3.1.2 parameters for configurationFile.txt

-----Source Part-----
sourceDataLoc=
sourceModelLoc=
sourceDataName=source_data.arff
sourceLearnedModelName= 1.bif,2.bif,...
sourceDataSize=1661,1661....
-----Target Part-----
targetNodeName=diagnosis
targetTrainDataSize=21
targetTestDataName=test_data.arff
targetTestDataSize=344
targetModelLoc=path--->targetModel/
targetDataName=train_data.arff
targetDataLoc=path-->targetData/
-------feature-------
modelLearningApproach=NB
featureSelectionApproach=IG001

-------Path------
temporaryFileName=temp.xml
experimentFileLoc= path to folder
utilityLoc=path-->/utility/
resultProbName=prob.csv
resultAUCName=auc.csv
logName=configuration_file.txt
resultLoc=path--->result/
logLoc=path-->log/
hashCodeName=hashCode.xml


------------KL----------(if you want to perform KL section)

trueKL=1.8224292702088067  

trueBFTable=hypoxemia,1.0E-9;reported_fever,1.0E-9;influenza_lab_positive,1.0E-9;age_group,1.0E-9;diagnosis,1.0E-9;unspecified_cough,3.2417270528642096E-6;nasal_swab_order,1.0E-9;   

KL_targetData_learnedSourceModel=1.2568181979662876  

nodeKLTable_targetData_learnedSourceModel=diagnosis,0.0045124560875614075;unspecified_cough,0.09813077790883455;reported_fever,0.4261776773290663;age_group,0.01770522273709965;hypoxemia,0.47951291320078326;nasal_swab_order,0.114442540587127;  

KL_targetData_trueSourceModel=1.660745666413443  

nodeKLTable_targetData_trueSourceModel=diagnosis,0.03595232239858527;age_group,0.0281376732895748;nasal_swab_order,0.05359926700974576;unspecified_cough,0.019446531674810627;reported_fever,0.4892853435516517;influenza_lab_positive,0.09896658196551227;hypoxemia,0.8059805217479895;  

run unadjust & ratio performance, you need to have Source Part, Target Part, Feature Part, and Path part.
Run KL options, you need to have KL Part that includes in configuration file.

For multi-source processing,

sourceLearnedModelName= 1.bif,2.bif,...
sourceDataSize=1661,1661...

4. Weighted & Multi-Sources

4.1 Weighted (unadjusted & Ratio)

Searching model process is led by a score. The score is the sum of log marginal likelihood and log structure prior

4.1.1 Unadjusted Approach

Use sample size of the source training data.

4.1.2 Ratio Approach

Use sample size of the target training data.

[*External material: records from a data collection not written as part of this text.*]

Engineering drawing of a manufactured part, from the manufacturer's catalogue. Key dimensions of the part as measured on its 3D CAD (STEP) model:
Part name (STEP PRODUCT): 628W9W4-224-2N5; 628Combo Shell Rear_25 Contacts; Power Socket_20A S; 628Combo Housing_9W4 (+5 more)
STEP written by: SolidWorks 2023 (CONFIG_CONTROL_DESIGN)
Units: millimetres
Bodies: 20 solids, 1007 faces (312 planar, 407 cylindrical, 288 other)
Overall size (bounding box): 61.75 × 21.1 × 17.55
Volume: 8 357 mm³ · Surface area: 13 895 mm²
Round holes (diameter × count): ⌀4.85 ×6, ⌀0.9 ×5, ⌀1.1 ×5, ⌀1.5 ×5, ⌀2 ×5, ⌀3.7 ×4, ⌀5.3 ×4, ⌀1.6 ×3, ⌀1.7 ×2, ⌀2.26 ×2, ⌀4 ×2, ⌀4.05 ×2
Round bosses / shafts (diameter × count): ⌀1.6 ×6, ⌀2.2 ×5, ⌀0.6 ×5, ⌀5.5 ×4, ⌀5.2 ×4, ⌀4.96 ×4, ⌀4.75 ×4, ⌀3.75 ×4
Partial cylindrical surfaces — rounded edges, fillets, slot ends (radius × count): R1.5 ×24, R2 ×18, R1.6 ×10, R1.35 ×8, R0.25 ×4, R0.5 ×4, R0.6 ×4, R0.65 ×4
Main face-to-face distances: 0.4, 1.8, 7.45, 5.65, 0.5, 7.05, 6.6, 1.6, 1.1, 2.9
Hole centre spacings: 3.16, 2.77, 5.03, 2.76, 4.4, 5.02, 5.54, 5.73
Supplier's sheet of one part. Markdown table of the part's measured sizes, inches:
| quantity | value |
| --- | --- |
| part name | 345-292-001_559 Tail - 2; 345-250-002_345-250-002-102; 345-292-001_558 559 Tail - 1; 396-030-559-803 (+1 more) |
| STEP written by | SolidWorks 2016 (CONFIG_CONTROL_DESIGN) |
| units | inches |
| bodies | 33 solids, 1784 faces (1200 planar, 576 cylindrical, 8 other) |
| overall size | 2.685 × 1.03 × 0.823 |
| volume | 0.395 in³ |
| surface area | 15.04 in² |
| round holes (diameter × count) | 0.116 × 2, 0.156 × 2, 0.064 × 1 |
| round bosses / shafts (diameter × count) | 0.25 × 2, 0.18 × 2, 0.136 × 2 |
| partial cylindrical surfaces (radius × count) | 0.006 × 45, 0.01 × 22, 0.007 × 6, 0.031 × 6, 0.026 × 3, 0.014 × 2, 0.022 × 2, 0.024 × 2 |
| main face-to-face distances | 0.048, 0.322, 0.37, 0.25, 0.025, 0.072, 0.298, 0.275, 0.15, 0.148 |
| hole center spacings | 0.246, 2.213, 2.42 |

Number of target instances / number of source training instances

Weight the source sample size based on the similarity between the target distribution and the source distribution.  If the source and the target distributions are very different, it would be better to assign a lower equivalent sample size for a transferred source model.

4.2 Multi-Sources

5. Resources

Weka package It provides data format structure, the Bayes Network Structure, classifier, evaluation methods.
Jsmile packageIt is encoding the Bayes Network for depth of probability calculation.